We’re calling for grant applications to accelerate the accuracy and completeness of bird bioacoustics in Tasmania.

Why birds?

Birds are powerful indicators of ecosystem health. They respond quickly to environmental change, occupy diverse ecological niches, and play critical roles in pollination, seed dispersal, and pest control.

Thanks to advances in passive acoustic monitoring and machine learning, we can now detect and track many species using sound – but only if we have the data.

Right now, many Tasmanian bird species are missing or poorly represented in acoustic models. In some cases, existing recordings haven’t been surfaced or annotated. In others, there may be no recordings at all.

This is a solvable problem. We have the tools, the knowledge and the urgency.
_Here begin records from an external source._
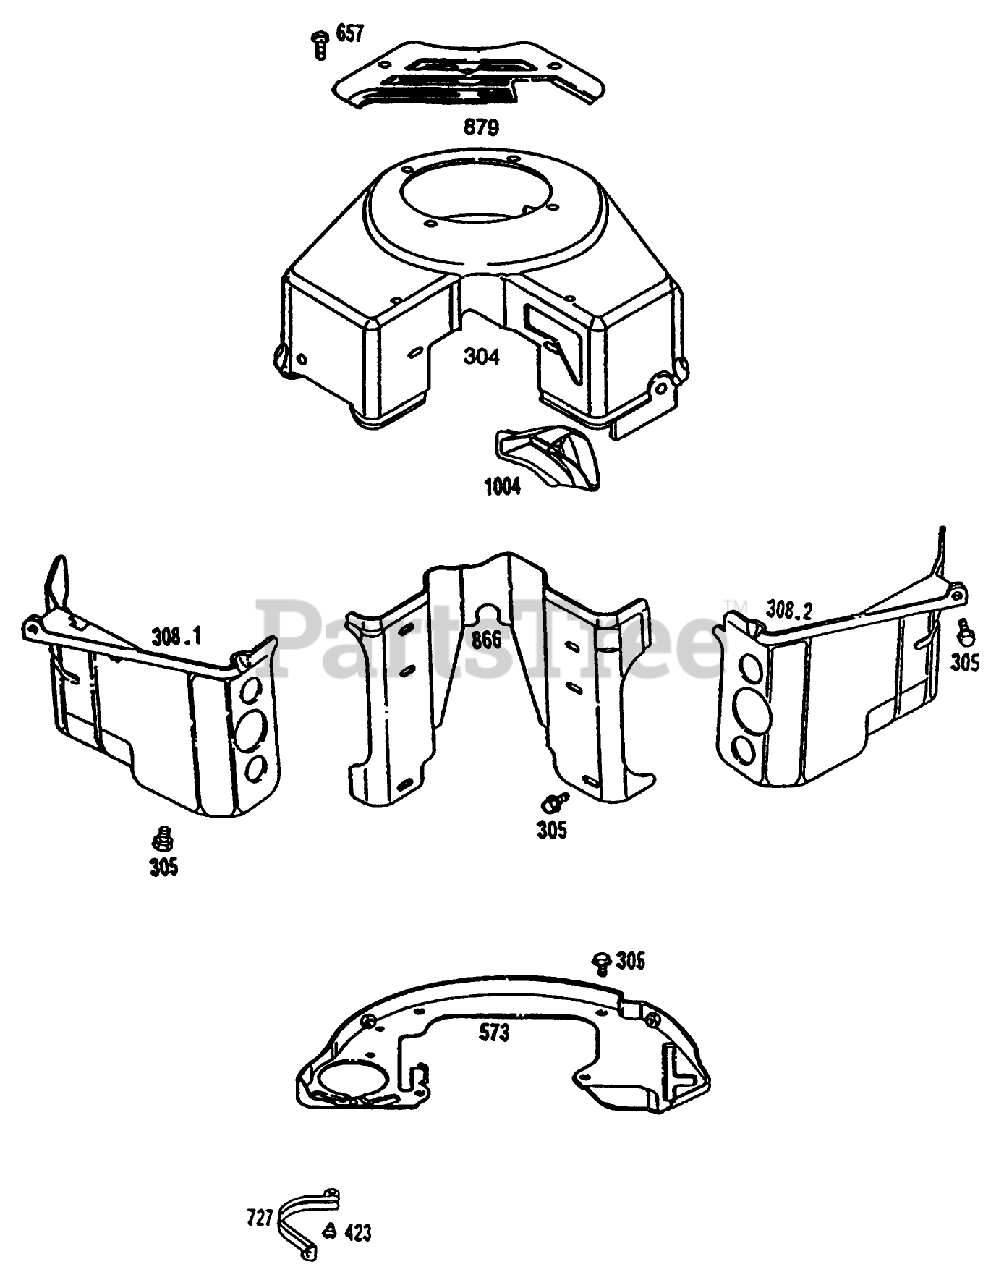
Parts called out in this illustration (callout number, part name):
304	HOUSING - BLOWER
305	BRIGGS 805406
423	BRIGGS-805260
573	BRIGGS 807663
657	BRIGGS 805009
727	BRIGGS-805505
866	Valley Cover-Air Guide
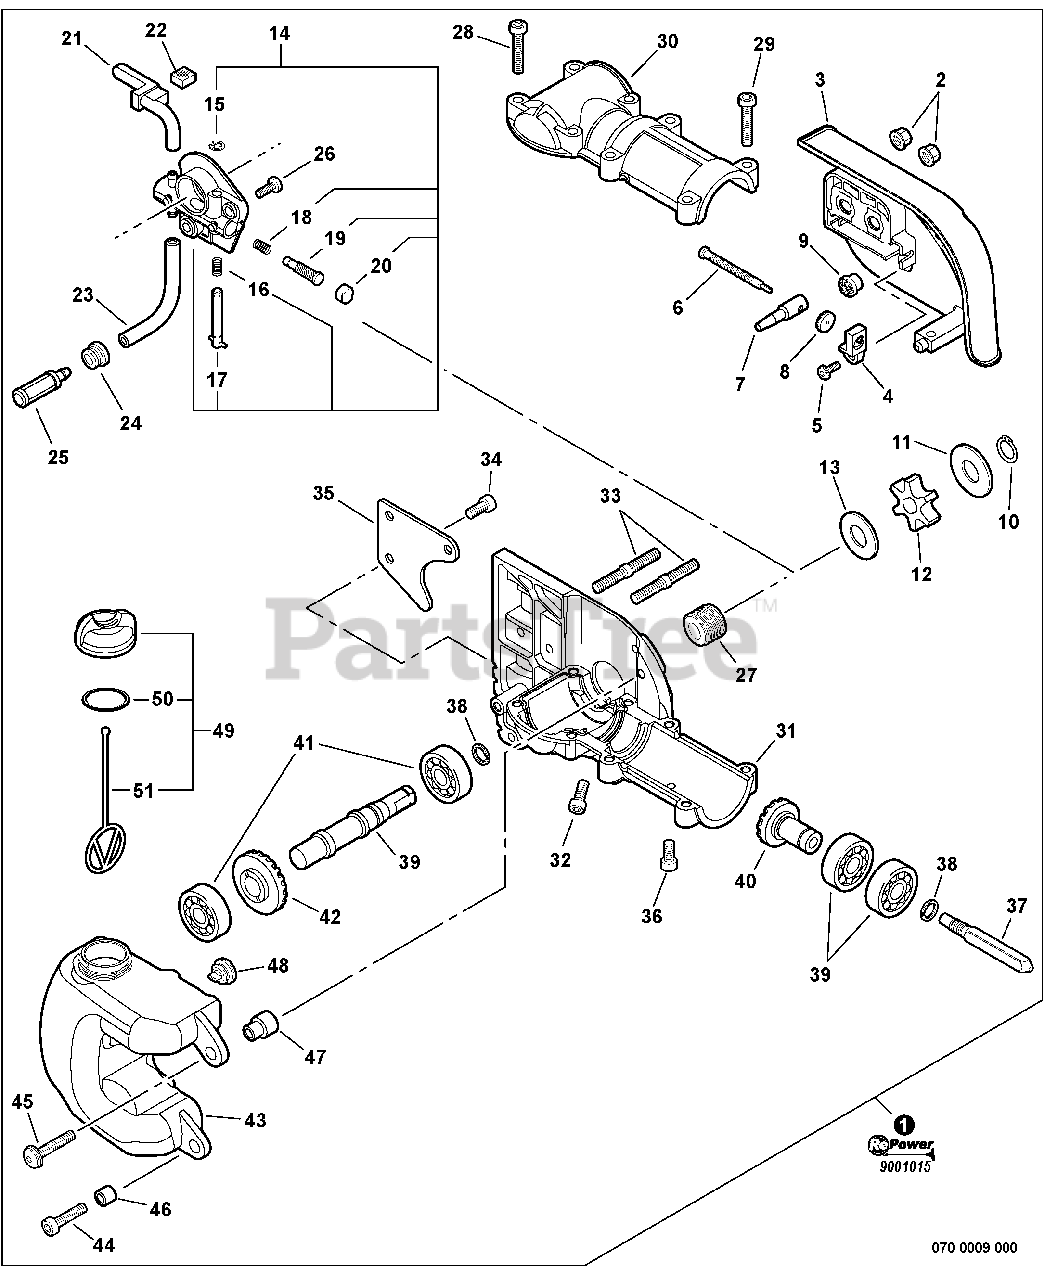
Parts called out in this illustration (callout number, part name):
1	GEAR CASE ASSY
2	NUT, FLANGE M6
3	GUARD, SPROCKET
4	COLLAR 8
5	SCREW 4
7	TENSIONER, CHAIN
8	GEAR - 14 TOOTH
9	GEAR - 14 TOOTH
10	RING, SNAP
11	WASHER 10
12	SPROCKET, DRIVE
13	WASHER 10.2×24.5×1.2
14	AUTO-OILER ASSY
17	ADJUSTER, OILER
19	PLUNGER ASSY
20	CAP, PLUNGER
21	PIPE, OIL OUTLET
22	PAD, FOAM
23	PIPE, IMPULSE 3×6×75
24	GROMMET
25	FILTER, OIL
26	SCREW 5×10
27	GEAR, WORM
28	SCREW M5×25
29	BOLT 5×25
30	CASE, GEAR - UPPER Ø35
31	CASE, GEAR
32	SCREW 5×10
33	BOLT, STUD 6
34	SCREW 5×10
36	BOLT M5×10
37	CONNECTOR, DRIVE SHAFT
38	RING, SNAP Ø12
39	BEARING, BALL
40	GEAR, BEVEL - 15 TOOTH
41	SHAFT, GEAR
42	GEAR, BEVEL - 23 TOOTH
43	TANK, OIL
44	BOLT 5×20
45	SCREW M5×25
46	SPACER 6.2×7.8×6
47	COLLAR 6
48	VENT ASSY
49	CAP ASSY
50	O-RING 18
51	CONNECTOR, CAP L= 60 MM
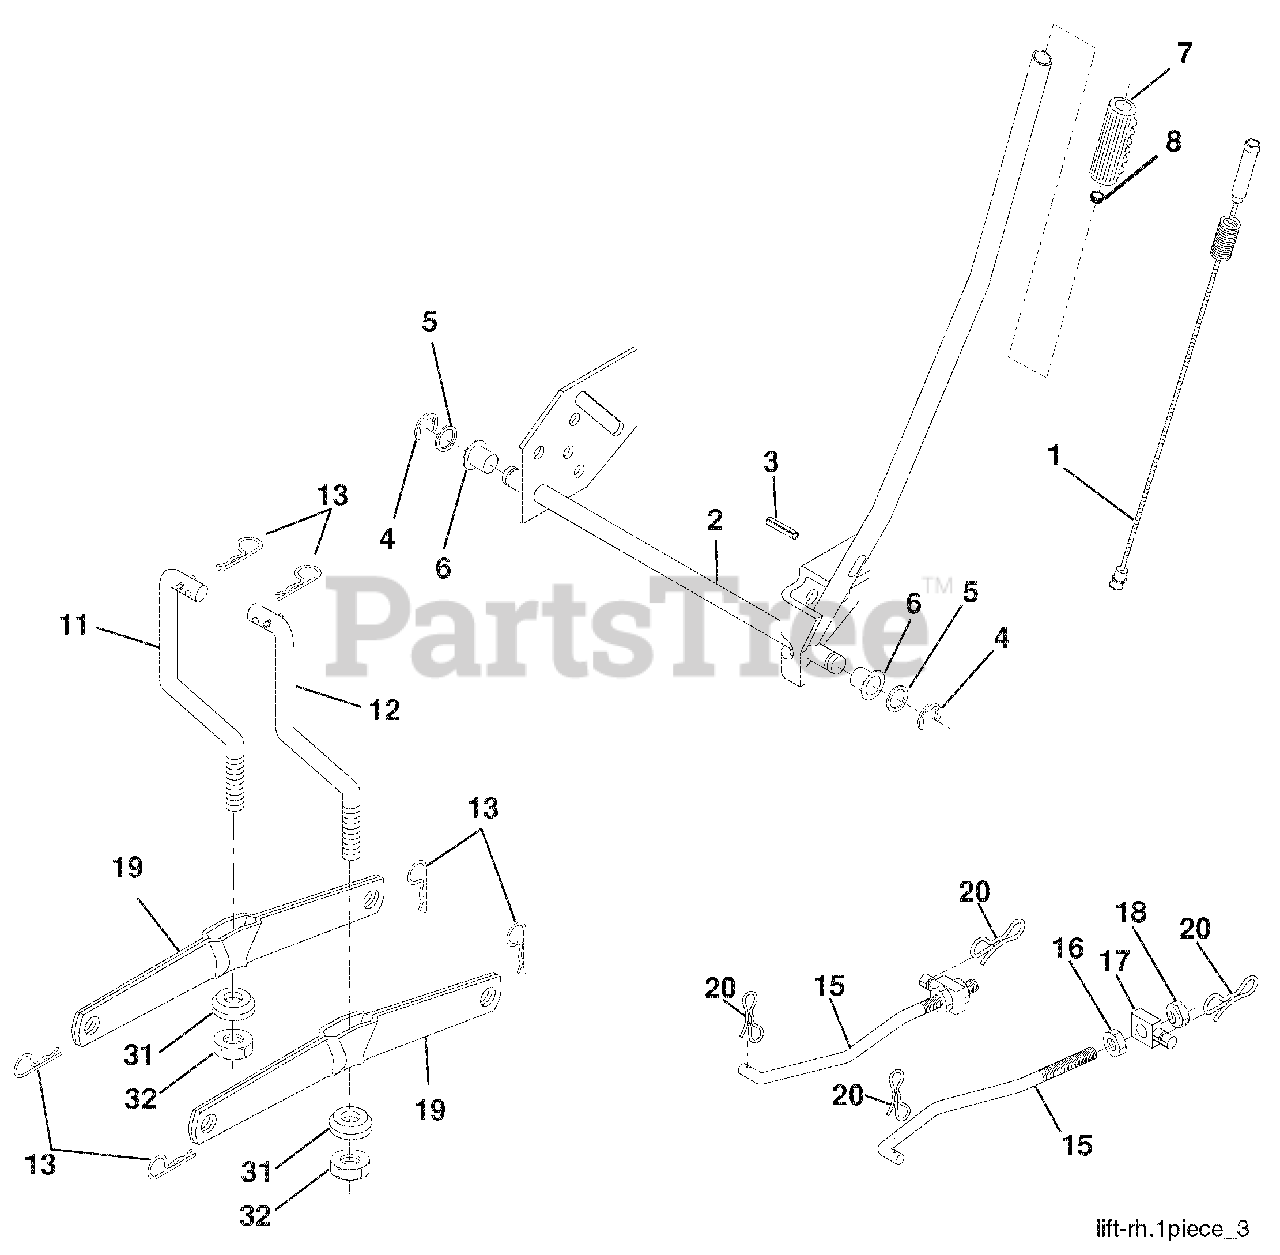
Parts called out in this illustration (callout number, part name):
1	PLUNGER ASM LIFT LEVER
2	SHAFT ASM LIFT RH
3	PIN GROOVE 1 500 ZINC
4	E RING #5133-62
5	WASHER 21/32 X 1 X 21 GA.
6	BEARING.NYLON.BLK..629 ID.
7	WASHER 21/32 X 1 X 21 GA.
8	BUTTON PLUNGER BLACK
11	LINK LIFT LH FIXED LENGTH
12	LINK LIFT RH FIXED LENGTH
13	Retainer Spring
15	LINK FRONT
16	NUT JAM HEX 1/2-13 UNC
17	TRUNNION
18	NUT LOCK W/WSH 1/2-13 UNC
19	ARM SUSPENSION REAR
20	PIN.COTTER.7/16.BOW TIE LOCK
31	BEARING PVT LIFT
32	NUT.CROWNLOCK.3/8-24
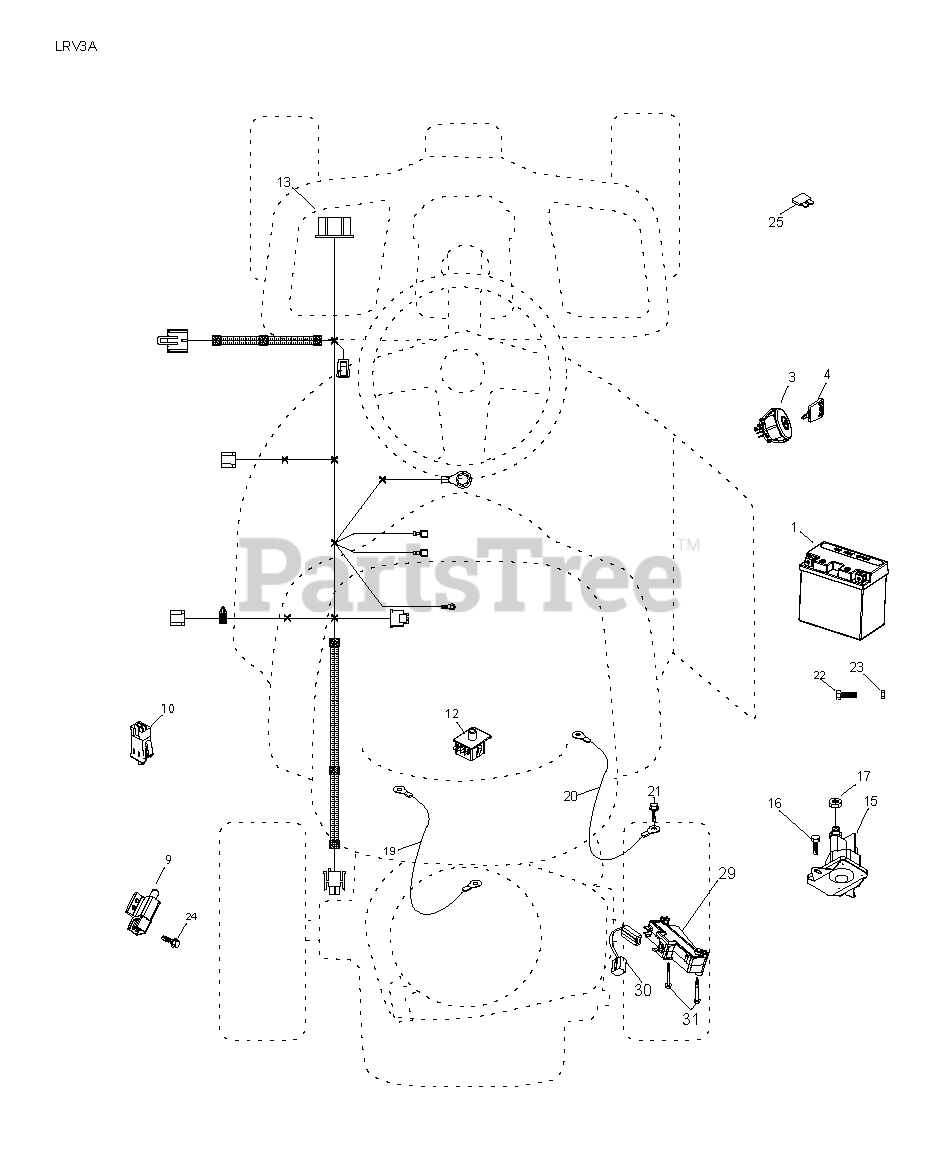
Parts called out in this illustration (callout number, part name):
1	BATTERY.6A.12V.LEOCH
3	SWITCH.IGN.DELTA.W.LGH.ROS
4	KEY.CHAIN.BLISTER.PACK.GEN.USA
9	SWITCH INTERLOCKT
10	SWITCH INTERLOOK PUSH-IN
12	SWITCH.SEAT.DP W/RAMPS
13	ELECTRICAL.LRVB.GEARDRIVE
15	SOLENOID.W/BRASS.PLUNGER
16	SCREW
17	NUT
19	CABLE.STARTER.6GA.11"RED
20	CABLE GROUND 6 GA. 12" BLACK
21	SCREW 5/16"
22	SCREW.HEX.M5X0.8.9MM (2 2)
23	NUT.M5.(.393X.275)
24	SCR #10-24 X .75 SKT HD BLK
29	MODULE.REVERSE.ROS
30	JUMPER.PIGTAIL.ROS.LRVB
31	SCREW.PLASTITE
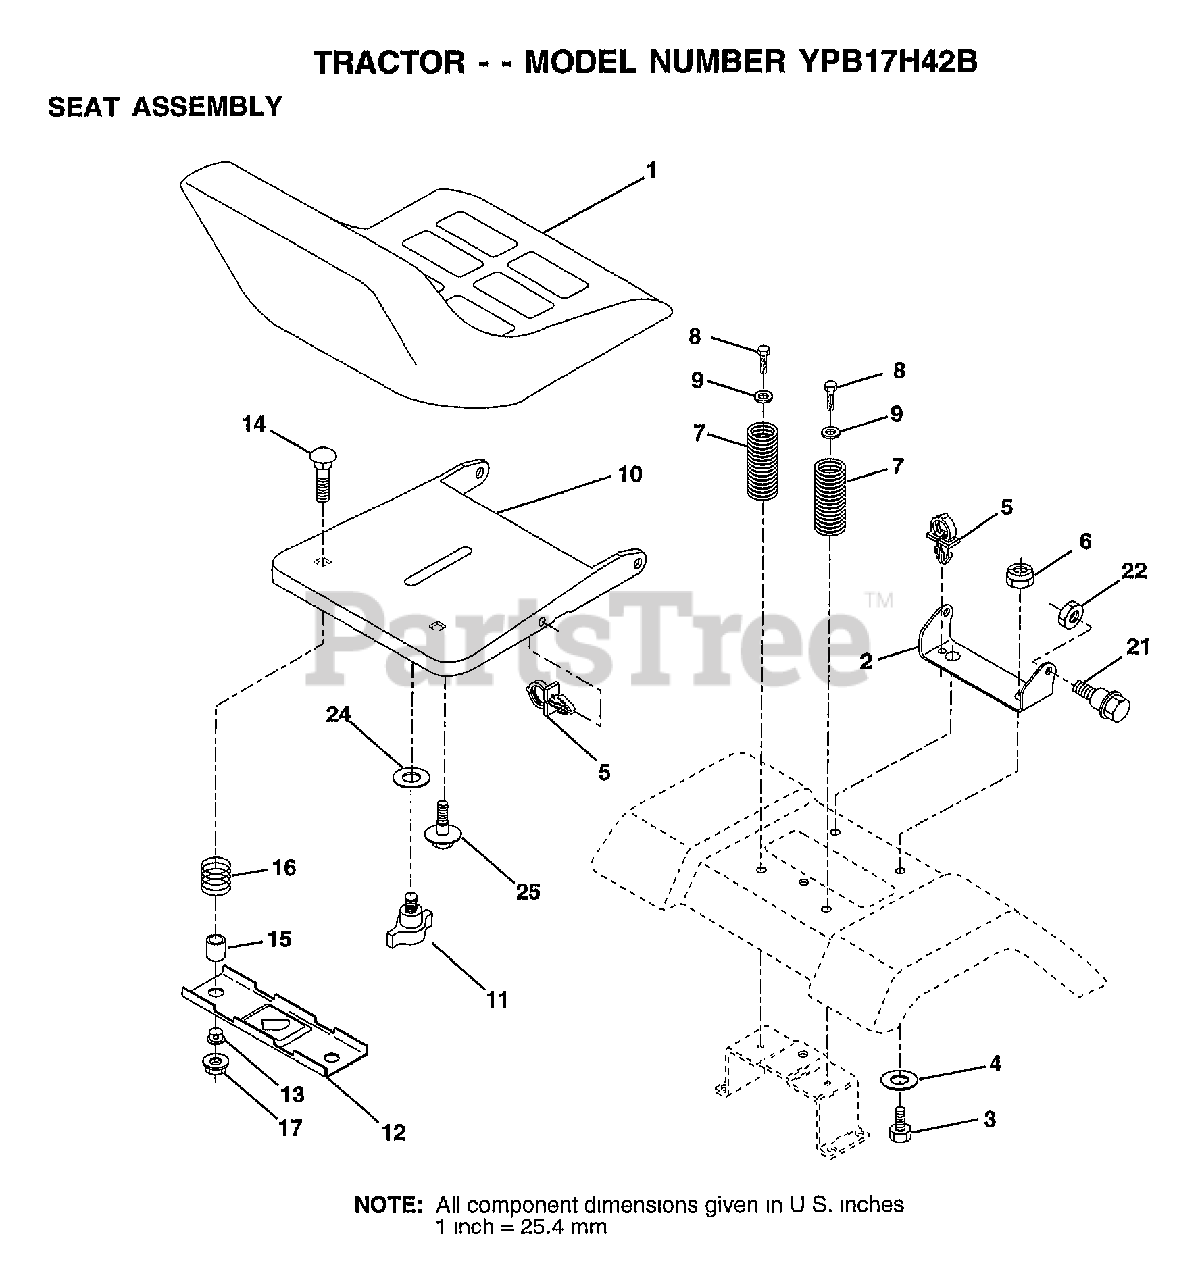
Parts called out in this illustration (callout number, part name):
1	SEAT.2400/1416.BK
2	BRACKET PVT SEAT
3	BOLT
4	WASHER PM
5	CLIP.PUSH-IN.HING
6	NUT
7	SPRING COMPRESSIO
8	SCREW
9	WASHER
10	PAN-SEAT
11	KNOB.SEAT.ADJ.WINGNUT
12	BRKT SWITCH
13	BUSHING
14	BOLT-RD HD SQ NK
15	SPLIT SPACER
16	SPRING
21	"BOLT,SHOULDER"
22	NUT
24	WASHER
25	"BOLT,SHOULDER"
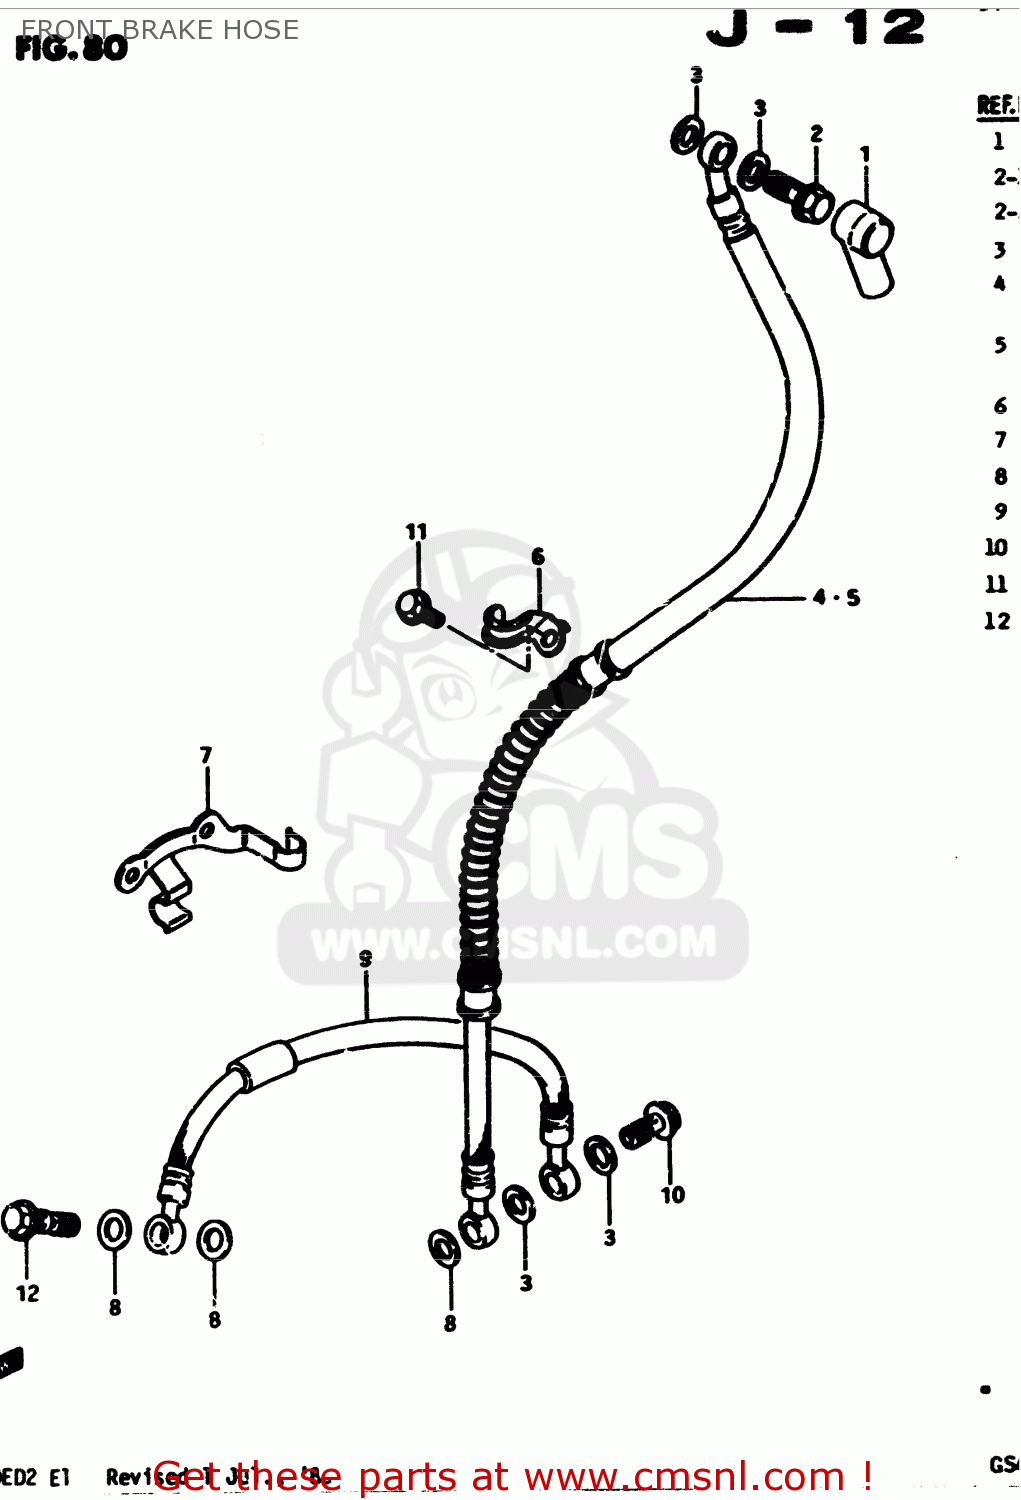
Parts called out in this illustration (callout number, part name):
1	BOOT,MASTER CYLINDER
2	BOLT,UNION
3	WASHER
4	HOSE,FR BRAKE
5	HOSE, BRAKE (FLAT HANDLEBAR)
6	GUIDE,BRAKE HOSE NO.3
7	CLAMP,BRAKE HOSE,LEFT
8	WASHER
9	HOSE,ANTI NOSE
10	BOLT,UNION
11	BOLT
12	BOLT UNION

What’s needed is a targeted push to gather, improve and share data so Tasmanian birds can be more reliably detected and ecological change more easily tracked.

What we’re looking for

We see an emerging space opening up as the technology matures for recording and identifying bird audio.

Tasmania has a rich environment for birds, but not all of them are easily identifiable with existing machine-learning models. This is the right time to improve species identification by getting more species recordings annotated and into AI recognisers, to accelerate the availability and usefulness of Tasmanian bird audio data so that species can be more accurately identified and monitored.

We are seeking proposals from Tasmanians and Tasmanian organisations capable of contributing to one or more of the following components:

1. Understanding which species we should prioritise

Some species are well-represented and easily identified in existing machine-learning models, and others are not. Some species are more ecologically significant than others, or better biodiversity indicators, or more endangered. We need to identify which species to prioritise.

2. Uncovering, identifying and annotating existing recordings of priority species

There are hard drives in cupboards just waiting for someone (perhaps a machine) to listen to them. We welcome efforts to surface, digitise, and annotate your existing recordings.

3. Making and annotating new recordings of priority species

Some species may require new field recordings – whether via autonomous recording units or focal methods. We’re open to both.